Congratulations Cat! I just know that this little one will once again fill your home with love, joy and happiness. Wishing you all the best. She is an absolute doll! :wub:


----------



## coco (Sep 20, 2006)

Oh, how exciting. She's beautiful! Can't wait to see more pics of her when you get her.


----------



## mllecoco (Jun 28, 2009)

Congratulations! She is so pretty, she has such HUGE eyes and gorgous hair! Mr. Du is a good breeder, he uses alot of Marcris and Bonnie's Angel's! Emma will love her! My Coco was very sad over the loss of our Muffin and Cuddles. She and Doc are so close now!!! They will be friends forever! So will your babies!


----------



## sassy's mommy (Aug 29, 2005)

Congrats! Cat that is wonderful news. There is nothing like a puppy to brighten up a home.


----------



## silverhaven (Sep 6, 2009)

What a beautiful little girl :wub: :wub: will you be showing her? I am very happy you found a new precious little one to warm your heart.


----------



## ilovemymaltese (Oct 9, 2008)

Congrats! Yup, that's one of the reason I won't cut Gigi's coat, she will literally look like a rat dog. Lol


----------



## LUCY N PETS (Apr 21, 2009)

Oh what a beautiful little one, I know she will help to mend your heart and will take a new place in there for her and all her loving she will give to you. This is so exciting, I can't wait to see her.

Hugs,
Lucy


----------



## iheartbisou (Feb 13, 2007)

Gorgeous!!! Beautiful sweet face!


----------



## Lacie's Mom (Oct 11, 2006)

Cat -- Congratulations on the new baby. I'm sure that Emma will adjust to her very quickly.

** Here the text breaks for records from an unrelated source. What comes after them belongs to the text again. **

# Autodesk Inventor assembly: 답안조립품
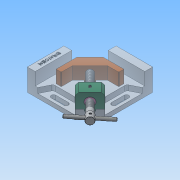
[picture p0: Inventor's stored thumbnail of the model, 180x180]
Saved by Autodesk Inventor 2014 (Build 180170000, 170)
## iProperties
Created: 2019-04
Part Number: 답안조립품
Document SubType Name: Assembly
Designer: net
Author: net
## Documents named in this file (11)
- C:\Users\net\Desktop\490407V1030\답안조립품.iam
- C:\Users\net\Desktop\490407V1030\답안본체.ipt
- C:\Users\net\Desktop\490407V1030\리드스크류.ipt
- C:\Users\net\Desktop\490407V1030\멈춤나사 M4x5.ipt
- C:\Users\net\Desktop\490407V1030\멈춤나사 M4x10.ipt
- C:\Users\net\Desktop\490407V1030\볼트 M4x16.ipt
- C:\Users\net\Desktop\490407V1030\부시.ipt
- C:\Users\net\Desktop\490407V1030\서포트.ipt
- C:\Users\net\Desktop\490407V1030\조.ipt
- C:\Users\net\Desktop\490407V1030\평행 핀 2.5x24.ipt
- C:\Users\net\Desktop\490407V1030\핸들.ipt
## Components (1 placed, 1 different names)
1. 핸들:1

How about naming her Sparkle because, as we all know, Diamonds do Sparkle. :biggrin:


----------



## jen_hedz (Mar 5, 2008)

Congrats!! She's beautiful :wub: :wub: I can't wait to see more pics of her when you get her and to see her and Emma together!!


----------



## anouk (Nov 3, 2006)

Congrats, she's a beauty :wub: :wub: :wub:


----------



## pammy4501 (Aug 8, 2007)

She is beautiful! As for a name, Stella is Italian for Star. Stella Diamante is Diamond Star. Kind of an homage to little Twinkle Little Star


----------



## Dixie's Mama (Mar 19, 2008)

Oh Cat she is gorgeous. I am so happy for you and especially happy for Emma. I hope this little girl helps heal her heart and yours. Mr. Du and Diamond Maltese were one of the two choices of breeders we had when looking for a puppy. Joyce Watkins gave me both breeders' names to call. I called Mr. Du first but got his voice mail. Teresa at TNT answered when I called so we made the appointment to see Dixie and her sister. After seeing them we fell in love with Dixie. Diamond Maltese are just beautiful. His site is spectacular. I wish you so much luck and love with your new girl. I can't wait to see pictures after you get her. :Happy_Dance: 
I love the idea behind the name Pam suggested.


----------



## momtoboo (Jan 30, 2006)

Congrats, she's gorgeous. :wub: I'm very happy for you & Emma.


----------



## jodublin (Sep 27, 2006)

shes adorable :wub:


----------



## wolfieinthehouse (Dec 14, 2007)

"A rose by any name would smell just as sweet.............."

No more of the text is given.